Dudley Building Society will cut rates across its expat and self-build home loans by up to 35 basis points tomorrow (23 April).
The mutual says two-year fixed expat residential rates will now start at 6.45% for loans up to 60% loan to value and from 6.55% for loans up to 85% LTV.
Two-year buy-to-let expat fixes will begin at 6.55% for up to 70% LTV and 6.65% for up to 80% LTV.
Expat holiday let two-year fixes will start at 6.55% up to 70% LTV and 6.65% up to 80% LTV.
The lender will consider applications from a wide range of countries and in over 160 currencies and can accept income from one foreign currency, plus income derived in sterling.
In the firm’s self-build range, its 2.40% self-build discount for term (advance) rate will be reduced to 6.84% up to 80% LTV, while the 2.50% self-build discount for term (arrears) rate has been lowered to 6.74% up to 80% LTV.

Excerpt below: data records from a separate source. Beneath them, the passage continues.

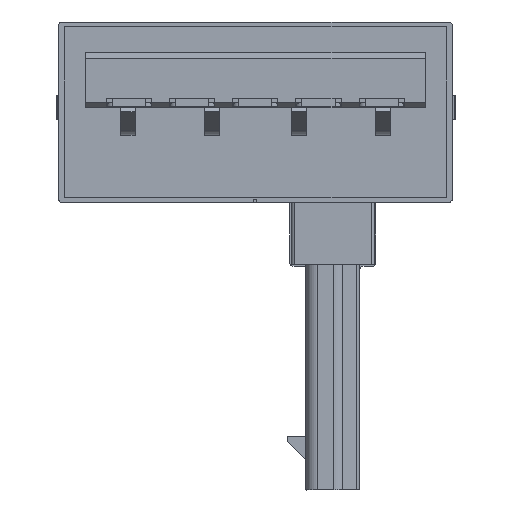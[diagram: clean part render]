
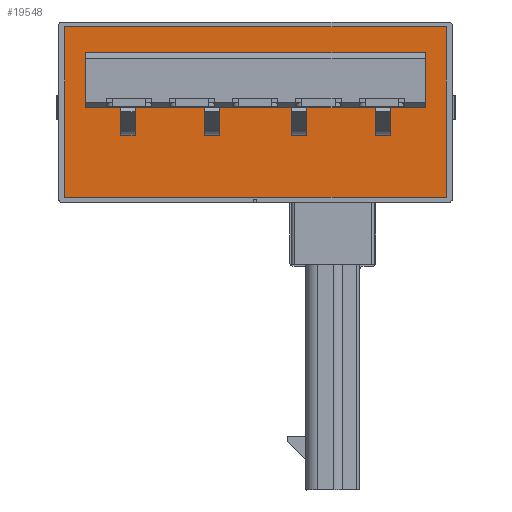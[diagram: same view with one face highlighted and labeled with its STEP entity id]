
A CAD part, front view. The second image highlights one B-rep face of the part: STEP entity #19548.
In plain terms, the highlighted planar face has unit normal (0, -1, 0) as drawn and (0, 1, 0) by its records, which use the part's own axes.
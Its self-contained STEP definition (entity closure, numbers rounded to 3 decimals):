
#9562 = VERTEX_POINT('',#9563);
#9563 = CARTESIAN_POINT('',(0.,3.55,-4.1));
#9569 = EDGE_CURVE('',#9562,#9570,#9572,.T.);
#9570 = VERTEX_POINT('',#9571);
#9571 = CARTESIAN_POINT('',(12.7,3.55,-4.1));
#9572 = LINE('',#9573,#9574);
#9573 = CARTESIAN_POINT('',(12.7,3.55,-4.1));
#9574 = VECTOR('',#9575,1.);
#9575 = DIRECTION('',(1.,0.,0.));
#10140 = EDGE_CURVE('',#10141,#10143,#10145,.T.);
#10141 = VERTEX_POINT('',#10142);
#10142 = CARTESIAN_POINT('',(12.7,3.55,1.58));
#10143 = VERTEX_POINT('',#10144);
#10144 = CARTESIAN_POINT('',(0.,3.55,1.58));
#10145 = LINE('',#10146,#10147);
#10146 = CARTESIAN_POINT('',(12.7,3.55,1.58));
#10147 = VECTOR('',#10148,1.);
#10148 = DIRECTION('',(-1.,0.,0.));
#10275 = EDGE_CURVE('',#9570,#10141,#10276,.T.);
#10276 = LINE('',#10277,#10278);
#10277 = CARTESIAN_POINT('',(12.7,3.55,-4.1));
#10278 = VECTOR('',#10279,1.);
#10279 = DIRECTION('',(0.,0.,1.));
#10396 = EDGE_CURVE('',#10143,#9562,#10397,.T.);
#10397 = LINE('',#10398,#10399);
#10398 = CARTESIAN_POINT('',(0.,3.55,-4.1));
#10399 = VECTOR('',#10400,1.);
#10400 = DIRECTION('',(0.,0.,-1.));
#18627 = VERTEX_POINT('',#18628);
#18628 = CARTESIAN_POINT('',(0.7,3.55,-1.4));
#18634 = EDGE_CURVE('',#18627,#18635,#18637,.T.);
#18635 = VERTEX_POINT('',#18636);
#18636 = CARTESIAN_POINT('',(12.,3.55,-1.4));
#18637 = LINE('',#18638,#18639);
#18638 = CARTESIAN_POINT('',(0.,3.55,-1.4));
#18639 = VECTOR('',#18640,1.);
#18640 = DIRECTION('',(1.,0.,0.));
#18829 = VERTEX_POINT('',#18830);
#18830 = CARTESIAN_POINT('',(12.,3.55,-3.24));
#18836 = EDGE_CURVE('',#18837,#18829,#18839,.T.);
#18837 = VERTEX_POINT('',#18838);
#18838 = CARTESIAN_POINT('',(0.7,3.55,-3.24));
#18839 = LINE('',#18840,#18841);
#18840 = CARTESIAN_POINT('',(0.,3.55,-3.24));
#18841 = VECTOR('',#18842,1.);
#18842 = DIRECTION('',(1.,0.,0.));
#18860 = EDGE_CURVE('',#18837,#18627,#18861,.T.);
#18861 = LINE('',#18862,#18863);
#18862 = CARTESIAN_POINT('',(0.7,3.55,40.721));
#18863 = VECTOR('',#18864,1.);
#18864 = DIRECTION('',(0.,0.,1.));
#18881 = EDGE_CURVE('',#18635,#18829,#18882,.T.);
#18882 = LINE('',#18883,#18884);
#18883 = CARTESIAN_POINT('',(12.,3.55,40.721));
#18884 = VECTOR('',#18885,1.);
#18885 = DIRECTION('',(0.,0.,-1.));
#19548 = ADVANCED_FACE('',(#19549,#19555),#19561,.F.);
#19549 = FACE_BOUND('',#19550,.T.);
#19550 = EDGE_LOOP('',(#19551,#19552,#19553,#19554));
#19551 = ORIENTED_EDGE('',*,*,#18881,.F.);
#19552 = ORIENTED_EDGE('',*,*,#18634,.F.);
#19553 = ORIENTED_EDGE('',*,*,#18860,.F.);
#19554 = ORIENTED_EDGE('',*,*,#18836,.T.);
#19555 = FACE_BOUND('',#19556,.T.);
#19556 = EDGE_LOOP('',(#19557,#19558,#19559,#19560));
#19557 = ORIENTED_EDGE('',*,*,#10275,.F.);
#19558 = ORIENTED_EDGE('',*,*,#9569,.F.);
#19559 = ORIENTED_EDGE('',*,*,#10396,.F.);
#19560 = ORIENTED_EDGE('',*,*,#10140,.F.);
#19561 = PLANE('',#19562);
#19562 = AXIS2_PLACEMENT_3D('',#19563,#19564,#19565);
#19563 = CARTESIAN_POINT('',(62.565,3.55,
    -1.25));
#19564 = DIRECTION('',(0.,-1.,0.));
#19565 = DIRECTION('',(0.,0.,-1.));
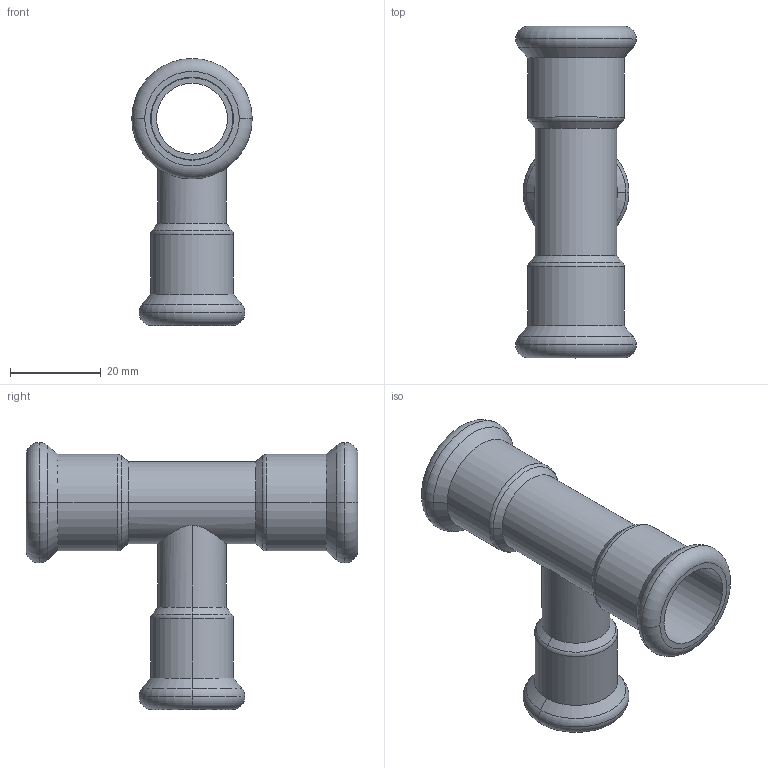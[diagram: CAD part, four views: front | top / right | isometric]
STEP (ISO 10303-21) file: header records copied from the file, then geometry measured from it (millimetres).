
FILE_DESCRIPTION(('CoCreate Modeling STEP Export'),'2;1');
FILE_NAME('C1415 18x15x18.stp','2014-11-11T17:03:51',(''),(''),'CoCreate Modeling STEP processor for AP214 (Solid Model)','CoCreate Modeling 17.00A 17-Jun-2010 (C) Parametric Technology GmbH','');
FILE_SCHEMA(('AUTOMOTIVE_DESIGN { 1 0 10303 214 1 1 1 1 }'));
Length unit declared in the file: millimetre
Products named in the file (2): C1415_18x15x18
Assembly tree (1 placements, depth 2):
  C1415_18x15x18
    C1415_18x15x18
Bounding box: 26.5 x 73 x 58.75 mm (x, y, z)
Volume: 11319.5 mm3; surface area: 13522.8 mm2
Topology: 1 solids, 1 shells, 66 faces, 135 edges, 79 vertices
Faces by surface type: cylinder 27, torus 18, cone 12, plane 9
Entity records: 2494 total; most frequent: CARTESIAN_POINT 1267, ORIENTED_EDGE 270, DIRECTION 218, EDGE_CURVE 135, AXIS2_PLACEMENT_3D 90, VERTEX_POINT 79, EDGE_LOOP 76, FACE_OUTER_BOUND 66
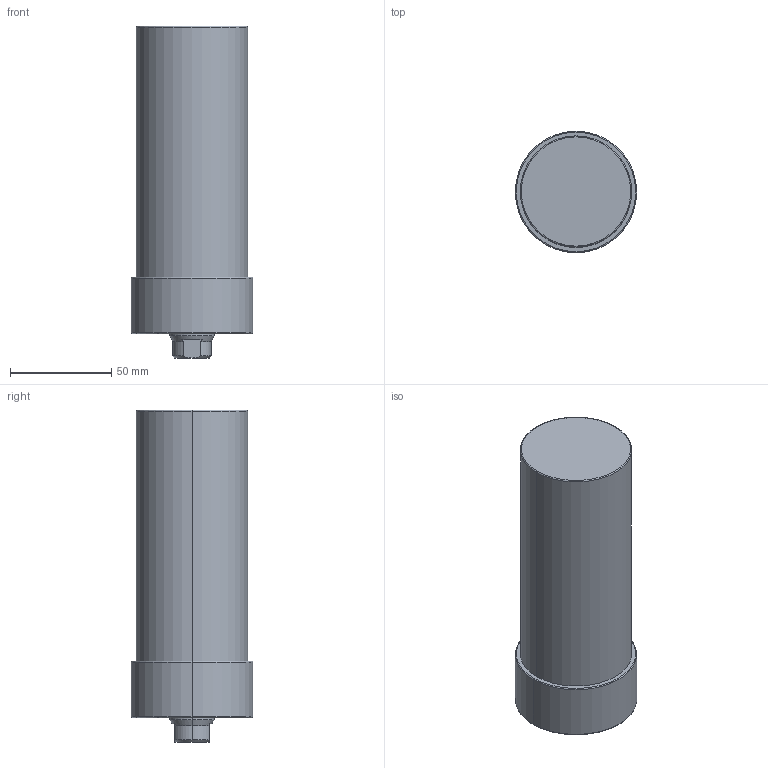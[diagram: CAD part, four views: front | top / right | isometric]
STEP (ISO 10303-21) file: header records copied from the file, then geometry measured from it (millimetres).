
FILE_DESCRIPTION (( 'STEP AP203' ), '1' );
FILE_NAME ('CLLU055-CA-095.STEP', '2017-05-15T08:10:04', ( '' ), ( '' ), 'SwSTEP 2.0', 'SolidWorks 2015', '' );
FILE_SCHEMA (( 'CONFIG_CONTROL_DESIGN' ));
Length unit declared in the file: millimetre
Products named in the file (1): CLLU055-CA-095
Bounding box: 60 x 60 x 164 mm (x, y, z)
Volume: 374103.9 mm3; surface area: 34748.3 mm2
Topology: 1 solids, 1 shells, 64 faces, 143 edges, 80 vertices
Faces by surface type: cone 25, cylinder 23, plane 10, torus 6
Entity records: 1805 total; most frequent: DIRECTION 330, CARTESIAN_POINT 318, ORIENTED_EDGE 266, AXIS2_PLACEMENT_3D 140, EDGE_CURVE 133, VERTEX_POINT 80, CIRCLE 75, EDGE_LOOP 73

The 2.60% eco self-build discount for term (advance) rate will be cut to 6.64% for loans up to 80% LTV, while the 2.70% eco self-build discount for term (arrears) rate will be reduced to 6.54% for loans up to 80% LTV.
The mutual will lend up to £1.5m across its expat residential range and up to £1m across its expat BTL and holiday let range, as well as its self-build products.
Dudley Building Society distribution director Robert Oliver says: “Brokers can be confident that they will receive a flexible and personalised approach to underwriting when submitting mortgage applications to us.”